[Source records]
........

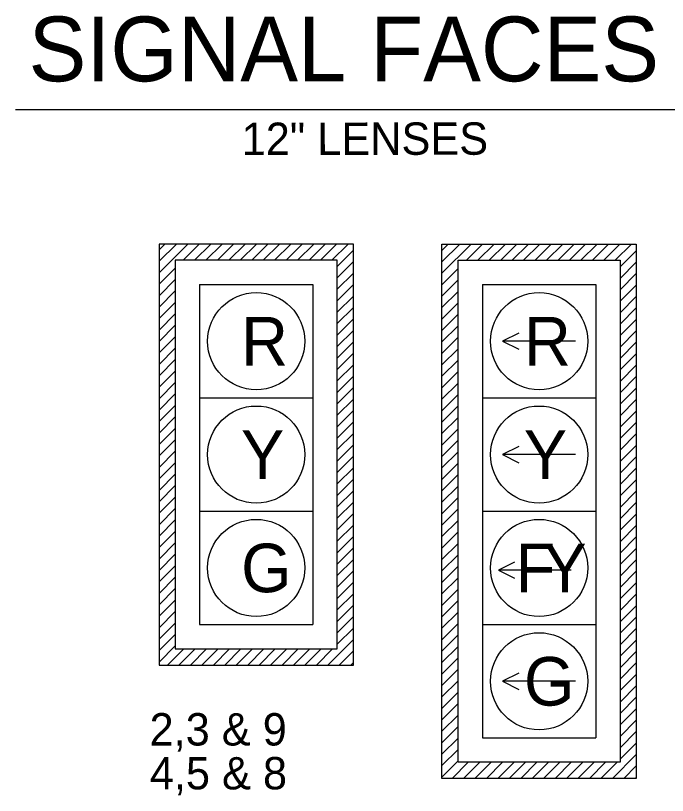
# Model space of a CAD drawing. Extents: x 1280123 to 1281123, y 1892664 to 1893304.
# Drawn here: x 1280308.9 to 1280389.4, y 1892794.6 to 1892890.9 of the extents above; entities that cross this region are included whole.
import ezdxf

# ---------------------------------------------------------------- set-up
doc = ezdxf.new("R2010")
doc.units = 0
doc.layers.add('T_Drafting', color=7, linetype='Continuous')
doc.layers.add('T_Notes', color=7, linetype='Continuous')

msp = doc.modelspace()

# ---------------------------------------------------------------- linework, layer by layer
at = {"layer": 'T_Drafting'}
for p, q in [((1280350.63, 1892862.71), (1280326.63, 1892862.71)), ((1280326.63, 1892862.71), (1280326.63, 1892810.71)), ((1280326.63, 1892859.163), (1280330.177, 1892862.71)), ((1280326.63, 1892860.578), (1280328.763, 1892862.71)), ((1280326.63, 1892861.992), (1280327.348, 1892862.71)), ((1280329.591, 1892860.71), (1280331.591, 1892862.71)), ((1280331.005, 1892860.71), (1280333.005, 1892862.71)), ((1280332.419, 1892860.71), (1280334.419, 1892862.71)), ((1280333.834, 1892860.71), (1280335.834, 1892862.71)), ((1280335.248, 1892860.71), (1280337.248, 1892862.71)), ((1280336.662, 1892860.71), (1280338.662, 1892862.71)), ((1280338.076, 1892860.71), (1280340.076, 1892862.71)), ((1280339.491, 1892860.71), (1280341.491, 1892862.71)), ((1280340.905, 1892860.71), (1280342.905, 1892862.71)), ((1280342.319, 1892860.71), (1280344.319, 1892862.71)), ((1280343.733, 1892860.71), (1280345.733, 1892862.71)), ((1280345.147, 1892860.71), (1280347.147, 1892862.71)), ((1280346.562, 1892860.71), (1280348.562, 1892862.71)), ((1280347.976, 1892860.71), (1280349.976, 1892862.71)), ((1280350.63, 1892810.71), (1280350.63, 1892862.71)), ((1280361.568, 1892796.71), (1280361.568, 1892862.71)), ((1280361.568, 1892862.71), (1280385.568, 1892862.71)), ((1280361.568, 1892859.103), (1280365.175, 1892862.71)), ((1280361.568, 1892860.517), (1280363.761, 1892862.71)), ((1280361.568, 1892861.932), (1280362.347, 1892862.71)), ((1280364.589, 1892860.71), (1280366.589, 1892862.71)), ((1280366.003, 1892860.71), (1280368.003, 1892862.71)), ((1280367.418, 1892860.71), (1280369.418, 1892862.71)), ((1280368.832, 1892860.71), (1280370.832, 1892862.71)), ((1280370.246, 1892860.71), (1280372.246, 1892862.71)), ((1280371.66, 1892860.71), (1280373.66, 1892862.71)), ((1280373.074, 1892860.71), (1280375.074, 1892862.71)), ((1280374.489, 1892860.71), (1280376.489, 1892862.71)), ((1280375.903, 1892860.71), (1280377.903, 1892862.71)), ((1280377.317, 1892860.71), (1280379.317, 1892862.71)), ((1280378.731, 1892860.71), (1280380.731, 1892862.71)), ((1280380.146, 1892860.71), (1280382.146, 1892862.71)), ((1280381.56, 1892860.71), (1280383.56, 1892862.71)), ((1280382.974, 1892860.71), (1280384.974, 1892862.71)), ((1280385.568, 1892862.71), (1280385.568, 1892796.71)), ((1280348.63, 1892859.95), (1280350.63, 1892861.95)), ((1280383.568, 1892859.89), (1280385.568, 1892861.89)), ((1280348.63, 1892858.536), (1280350.63, 1892860.536)), ((1280383.568, 1892858.476), (1280385.568, 1892860.476)), ((1280326.63, 1892857.749), (1280328.63, 1892859.749)), ((1280361.568, 1892857.689), (1280363.568, 1892859.689)), ((1280348.63, 1892857.122), (1280350.63, 1892859.122)), ((1280383.568, 1892857.062), (1280385.568, 1892859.062)), ((1280326.63, 1892856.335), (1280328.63, 1892858.335)), ((1280331.63, 1892857.71), (1280345.63, 1892857.71)), ((1280331.63, 1892857.71), (1280331.63, 1892843.71)), ((1280345.63, 1892857.71), (1280345.63, 1892843.71)), ((1280348.63, 1892855.708), (1280350.63, 1892857.708)), ((1280361.568, 1892856.275), (1280363.568, 1892858.275)), ((1280366.568, 1892857.71), (1280380.568, 1892857.71)), ((1280366.568, 1892857.71), (1280366.568, 1892843.71)), ((1280380.568, 1892857.71), (1280380.568, 1892843.71)), ((1280383.568, 1892855.647), (1280385.568, 1892857.647)), ((1280326.63, 1892854.921), (1280328.63, 1892856.921)), ((1280361.568, 1892854.861), (1280363.568, 1892856.861)), ((1280348.63, 1892854.293), (1280350.63, 1892856.293)), ((1280383.568, 1892854.233), (1280385.568, 1892856.233)), ((1280326.63, 1892853.507), (1280328.63, 1892855.507)), ((1280348.63, 1892852.879), (1280350.63, 1892854.879)), ((1280361.568, 1892853.446), (1280363.568, 1892855.446)), ((1280383.568, 1892852.819), (1280385.568, 1892854.819)), ((1280326.63, 1892852.092), (1280328.63, 1892854.092)), ((1280361.568, 1892852.032), (1280363.568, 1892854.032)), ((1280348.63, 1892851.465), (1280350.63, 1892853.465)), ((1280383.568, 1892851.405), (1280385.568, 1892853.405)), ((1280326.63, 1892850.678), (1280328.63, 1892852.678)), ((1280348.63, 1892850.051), (1280350.63, 1892852.051)), ((1280361.568, 1892850.618), (1280363.568, 1892852.618)), ((1280383.568, 1892849.99), (1280385.568, 1892851.99)), ((1280326.63, 1892849.264), (1280328.63, 1892851.264)), ((1280361.568, 1892849.204), (1280363.568, 1892851.204)), ((1280326.63, 1892847.85), (1280328.63, 1892849.85)), ((1280348.63, 1892848.637), (1280350.63, 1892850.637)), ((1280378.068, 1892850.71), (1280369.068, 1892850.71)), ((1280383.568, 1892848.576), (1280385.568, 1892850.576)), ((1280348.63, 1892847.222), (1280350.63, 1892849.222)), ((1280361.568, 1892847.789), (1280363.568, 1892849.789)), ((1280383.568, 1892847.162), (1280385.568, 1892849.162)), ((1280326.63, 1892846.436), (1280328.63, 1892848.436)), ((1280361.568, 1892846.375), (1280363.568, 1892848.375)), ((1280326.63, 1892845.021), (1280328.63, 1892847.021)), ((1280348.63, 1892845.808), (1280350.63, 1892847.808)), ((1280361.568, 1892844.961), (1280363.568, 1892846.961)), ((1280383.568, 1892845.748), (1280385.568, 1892847.748)), ((1280348.63, 1892844.394), (1280350.63, 1892846.394)), ((1280383.568, 1892844.334), (1280385.568, 1892846.334)), ((1280326.63, 1892843.607), (1280328.63, 1892845.607)), ((1280361.568, 1892843.547), (1280363.568, 1892845.547)), ((1280326.63, 1892842.193), (1280328.63, 1892844.193)), ((1280348.63, 1892842.98), (1280350.63, 1892844.98)), ((1280361.568, 1892842.133), (1280363.568, 1892844.133)), ((1280383.568, 1892842.919), (1280385.568, 1892844.919)), ((1280331.63, 1892843.71), (1280345.63, 1892843.71)), ((1280331.63, 1892843.71), (1280331.63, 1892829.71)), ((1280345.63, 1892843.71), (1280345.63, 1892829.71)), ((1280348.63, 1892841.566), (1280350.63, 1892843.566)), ((1280366.568, 1892843.71), (1280380.568, 1892843.71)), ((1280366.568, 1892843.71), (1280366.568, 1892829.71)), ((1280380.568, 1892843.71), (1280380.568, 1892829.71)), ((1280383.568, 1892841.505), (1280385.568, 1892843.505)), ((1280326.63, 1892840.779), (1280328.63, 1892842.779)), ((1280348.63, 1892840.151), (1280350.63, 1892842.151)), ((1280361.568, 1892840.718), (1280363.568, 1892842.718)), ((1280326.63, 1892839.365), (1280328.63, 1892841.365)), ((1280361.568, 1892839.304), (1280363.568, 1892841.304)), ((1280383.568, 1892840.091), (1280385.568, 1892842.091)), ((1280348.63, 1892838.737), (1280350.63, 1892840.737)), ((1280383.568, 1892838.677), (1280385.568, 1892840.677)), ((1280326.63, 1892837.95), (1280328.63, 1892839.95)), ((1280348.63, 1892837.323), (1280350.63, 1892839.323)), ((1280361.568, 1892837.89), (1280363.568, 1892839.89)), ((1280383.568, 1892837.263), (1280385.568, 1892839.263)), ((1280326.63, 1892836.536), (1280328.63, 1892838.536)), ((1280361.568, 1892836.476), (1280363.568, 1892838.476)), ((1280348.63, 1892835.909), (1280350.63, 1892837.909)), ((1280383.568, 1892835.848), (1280385.568, 1892837.848)), ((1280326.63, 1892835.122), (1280328.63, 1892837.122)), ((1280348.63, 1892834.494), (1280350.63, 1892836.494)), ((1280361.568, 1892835.062), (1280363.568, 1892837.062)), ((1280378.068, 1892836.71), (1280369.068, 1892836.71)), ((1280383.568, 1892834.434), (1280385.568, 1892836.434)), ((1280326.63, 1892833.708), (1280328.63, 1892835.708)), ((1280361.568, 1892833.647), (1280363.568, 1892835.647)), ((1280348.63, 1892833.08), (1280350.63, 1892835.08)), ((1280383.568, 1892833.02), (1280385.568, 1892835.02)), ((1280326.63, 1892832.293), (1280328.63, 1892834.293)), ((1280348.63, 1892831.666), (1280350.63, 1892833.666)), ((1280361.568, 1892832.233), (1280363.568, 1892834.233)), ((1280383.568, 1892831.606), (1280385.568, 1892833.606)), ((1280326.63, 1892830.879), (1280328.63, 1892832.879)), ((1280361.568, 1892830.819), (1280363.568, 1892832.819)), ((1280348.63, 1892830.252), (1280350.63, 1892832.252)), ((1280383.568, 1892830.192), (1280385.568, 1892832.192)), ((1280326.63, 1892829.465), (1280328.63, 1892831.465)), ((1280348.63, 1892828.838), (1280350.63, 1892830.838)), ((1280361.568, 1892829.405), (1280363.568, 1892831.405)), ((1280383.568, 1892828.777), (1280385.568, 1892830.777)), ((1280326.63, 1892828.051), (1280328.63, 1892830.051)), ((1280331.63, 1892829.71), (1280345.63, 1892829.71)), ((1280331.63, 1892829.71), (1280331.63, 1892815.71)), ((1280345.63, 1892829.71), (1280345.63, 1892815.71)), ((1280361.568, 1892827.99), (1280363.568, 1892829.99)), ((1280366.568, 1892829.71), (1280380.568, 1892829.71)), ((1280366.568, 1892829.71), (1280366.568, 1892815.71)), ((1280380.568, 1892829.71), (1280380.568, 1892815.71)), ((1280326.63, 1892826.637), (1280328.63, 1892828.637)), ((1280348.63, 1892827.423), (1280350.63, 1892829.423)), ((1280383.568, 1892827.363), (1280385.568, 1892829.363)), ((1280348.63, 1892826.009), (1280350.63, 1892828.009)), ((1280361.568, 1892826.576), (1280363.568, 1892828.576)), ((1280383.568, 1892825.949), (1280385.568, 1892827.949)), ((1280326.63, 1892825.222), (1280328.63, 1892827.222)), ((1280361.568, 1892825.162), (1280363.568, 1892827.162)), ((1280326.63, 1892823.808), (1280328.63, 1892825.808)), ((1280348.63, 1892824.595), (1280350.63, 1892826.595)), ((1280361.568, 1892823.748), (1280363.568, 1892825.748)), ((1280383.568, 1892824.535), (1280385.568, 1892826.535)), ((1280348.63, 1892823.181), (1280350.63, 1892825.181)), ((1280383.568, 1892823.12), (1280385.568, 1892825.12)), ((1280326.63, 1892822.394), (1280328.63, 1892824.394)), ((1280361.568, 1892822.334), (1280363.568, 1892824.334)), ((1280326.63, 1892820.98), (1280328.63, 1892822.98)), ((1280348.63, 1892821.767), (1280350.63, 1892823.767)), ((1280361.568, 1892820.919), (1280363.568, 1892822.919)), ((1280383.568, 1892821.706), (1280385.568, 1892823.706)), ((1280348.63, 1892820.352), (1280350.63, 1892822.352)), ((1280377.543, 1892822.433), (1280368.543, 1892822.433)), ((1280383.568, 1892820.292), (1280385.568, 1892822.292)), ((1280326.63, 1892819.566), (1280328.63, 1892821.566)), ((1280348.63, 1892818.938), (1280350.63, 1892820.938)), ((1280361.568, 1892819.505), (1280363.568, 1892821.505)), ((1280326.63, 1892818.151), (1280328.63, 1892820.151)), ((1280361.568, 1892818.091), (1280363.568, 1892820.091)), ((1280383.568, 1892818.878), (1280385.568, 1892820.878)), ((1280348.63, 1892817.524), (1280350.63, 1892819.524)), ((1280383.568, 1892817.464), (1280385.568, 1892819.464)), ((1280326.63, 1892816.737), (1280328.63, 1892818.737)), ((1280348.63, 1892816.11), (1280350.63, 1892818.11)), ((1280361.568, 1892816.677), (1280363.568, 1892818.677)), ((1280383.568, 1892816.049), (1280385.568, 1892818.049)), ((1280326.63, 1892815.323), (1280328.63, 1892817.323)), ((1280361.568, 1892815.263), (1280363.568, 1892817.263)), ((1280348.63, 1892814.695), (1280350.63, 1892816.695)), ((1280383.568, 1892814.635), (1280385.568, 1892816.635)), ((1280326.63, 1892813.909), (1280328.63, 1892815.909)), ((1280331.63, 1892815.71), (1280345.63, 1892815.71)), ((1280348.63, 1892813.281), (1280350.63, 1892815.281)), ((1280361.568, 1892813.848), (1280363.568, 1892815.848)), ((1280366.568, 1892815.71), (1280380.568, 1892815.71)), ((1280366.568, 1892815.71), (1280366.568, 1892801.71)), ((1280380.568, 1892815.71), (1280380.568, 1892801.71)), ((1280383.568, 1892813.221), (1280385.568, 1892815.221)), ((1280326.63, 1892812.494), (1280328.63, 1892814.494)), ((1280361.568, 1892812.434), (1280363.568, 1892814.434)), ((1280347.473, 1892810.71), (1280350.63, 1892813.867)), ((1280383.568, 1892811.807), (1280385.568, 1892813.807)), ((1280326.63, 1892811.08), (1280328.63, 1892813.08)), ((1280327.674, 1892810.71), (1280329.674, 1892812.71)), ((1280329.089, 1892810.71), (1280331.089, 1892812.71)), ((1280330.503, 1892810.71), (1280332.503, 1892812.71)), ((1280331.917, 1892810.71), (1280333.917, 1892812.71)), ((1280333.331, 1892810.71), (1280335.331, 1892812.71)), ((1280334.745, 1892810.71), (1280336.745, 1892812.71)), ((1280336.16, 1892810.71), (1280338.16, 1892812.71)), ((1280337.574, 1892810.71), (1280339.574, 1892812.71)), ((1280338.988, 1892810.71), (1280340.988, 1892812.71)), ((1280340.402, 1892810.71), (1280342.402, 1892812.71)), ((1280341.816, 1892810.71), (1280343.816, 1892812.71)), ((1280343.231, 1892810.71), (1280345.231, 1892812.71)), ((1280344.645, 1892810.71), (1280346.645, 1892812.71)), ((1280346.059, 1892810.71), (1280348.059, 1892812.71)), ((1280348.888, 1892810.71), (1280350.63, 1892812.453)), ((1280361.568, 1892811.02), (1280363.568, 1892813.02)), ((1280383.568, 1892810.393), (1280385.568, 1892812.393)), ((1280361.568, 1892809.606), (1280363.568, 1892811.606)), ((1280326.63, 1892810.71), (1280350.63, 1892810.71)), ((1280350.302, 1892810.71), (1280350.63, 1892811.039)), ((1280383.568, 1892808.978), (1280385.568, 1892810.978)), ((1280361.568, 1892808.192), (1280363.568, 1892810.192)), ((1280383.568, 1892807.564), (1280385.568, 1892809.564)), ((1280361.568, 1892806.777), (1280363.568, 1892808.777)), ((1280378.068, 1892808.71), (1280369.068, 1892808.71)), ((1280383.568, 1892806.15), (1280385.568, 1892808.15)), ((1280361.568, 1892805.363), (1280363.568, 1892807.363)), ((1280383.568, 1892804.736), (1280385.568, 1892806.736)), ((1280361.568, 1892803.949), (1280363.568, 1892805.949)), ((1280361.568, 1892802.535), (1280363.568, 1892804.535)), ((1280383.568, 1892803.321), (1280385.568, 1892805.321)), ((1280383.568, 1892801.907), (1280385.568, 1892803.907)), ((1280361.568, 1892801.12), (1280363.568, 1892803.12)), ((1280361.568, 1892799.706), (1280363.568, 1892801.706)), ((1280366.568, 1892801.71), (1280380.568, 1892801.71)), ((1280383.568, 1892800.493), (1280385.568, 1892802.493)), ((1280383.568, 1892799.079), (1280385.568, 1892801.079)), ((1280361.568, 1892798.292), (1280363.568, 1892800.292)), ((1280361.568, 1892796.878), (1280363.568, 1892798.878)), ((1280382.614, 1892796.71), (1280385.568, 1892799.665)), ((1280362.815, 1892796.71), (1280364.815, 1892798.71)), ((1280364.229, 1892796.71), (1280366.229, 1892798.71)), ((1280365.643, 1892796.71), (1280367.643, 1892798.71)), ((1280367.057, 1892796.71), (1280369.057, 1892798.71)), ((1280368.471, 1892796.71), (1280370.471, 1892798.71)), ((1280369.886, 1892796.71), (1280371.886, 1892798.71)), ((1280371.3, 1892796.71), (1280373.3, 1892798.71)), ((1280372.714, 1892796.71), (1280374.714, 1892798.71)), ((1280374.128, 1892796.71), (1280376.128, 1892798.71)), ((1280375.543, 1892796.71), (1280377.543, 1892798.71)), ((1280376.957, 1892796.71), (1280378.957, 1892798.71)), ((1280378.371, 1892796.71), (1280380.371, 1892798.71)), ((1280379.785, 1892796.71), (1280381.785, 1892798.71)), ((1280381.199, 1892796.71), (1280383.199, 1892798.71)), ((1280384.028, 1892796.71), (1280385.568, 1892798.25)), ((1280385.442, 1892796.71), (1280385.568, 1892796.836)), ((1280385.568, 1892796.71), (1280361.568, 1892796.71))]:
    msp.add_line(p, q, dxfattribs=at)
for points in [[(1280348.63, 1892812.71), (1280348.63, 1892860.71), (1280328.63, 1892860.71), (1280328.63, 1892812.71)], [(1280363.568, 1892798.71), (1280363.568, 1892860.71), (1280383.568, 1892860.71), (1280383.568, 1892798.71)]]:
    msp.add_lwpolyline(points, close=True, dxfattribs=at)
for points in [[(1280371.068, 1892851.71), (1280369.068, 1892850.71), (1280371.068, 1892849.71)], [(1280371.068, 1892837.71), (1280369.068, 1892836.71), (1280371.068, 1892835.71)], [(1280370.543, 1892823.433), (1280368.543, 1892822.433), (1280370.543, 1892821.433)], [(1280371.068, 1892809.71), (1280369.068, 1892808.71), (1280371.068, 1892807.71)]]:
    msp.add_lwpolyline(points, dxfattribs=at)
for centre in [(1280338.63, 1892850.71), (1280373.568, 1892850.71), (1280338.63, 1892836.71), (1280373.568, 1892836.71), (1280338.63, 1892822.71), (1280373.568, 1892822.71), (1280373.568, 1892808.71)]:
    msp.add_circle(centre, 6, dxfattribs=at)
at = {"layer": 'T_Notes'}
msp.add_line((1280308.906, 1892879.338), (1280407.091, 1892879.338), dxfattribs=at)

# ---------------------------------------------------------------- texts
at = {"layer": 'T_Drafting'}
msp.add_text('12" LENSES', height=4, rotation=0.07203, dxfattribs=at).set_placement((1280336.832, 1892873.704))
for s, p in [('R', (1280336.765, 1892847.711)), ('R', (1280371.703, 1892847.711)), ('Y', (1280336.741, 1892833.711)), ('Y', (1280371.679, 1892833.711)), ('G', (1280336.764, 1892819.711)), ('F', (1280370.663, 1892819.711)), ('Y', (1280374.087, 1892819.711)), ('G', (1280371.702, 1892805.711))]:
    msp.add_text(s, height=5.998, dxfattribs=at).set_placement(p)
at = {"layer": 'T_Notes'}
for s, height, p in [('SIGNAL FACES', 8, (1280310.505, 1892882.807)), ('2,3 & 9', 4, (1280325.455, 1892800.78)), ('4,5 & 8', 4, (1280325.483, 1892795.362))]:
    msp.add_text(s, height=height, dxfattribs=at).set_placement(p)

doc.saveas('drawing.dxf')

........

### Your task
The lines to return run from the one containing "msp.add_text(s, height=height, dxfattribs=at).set_placement(p)" through the last line of the records above. Give them exactly and include nothing more.

### Task answer
    msp.add_text(s, height=height, dxfattribs=at).set_placement(p)

doc.saveas('drawing.dxf')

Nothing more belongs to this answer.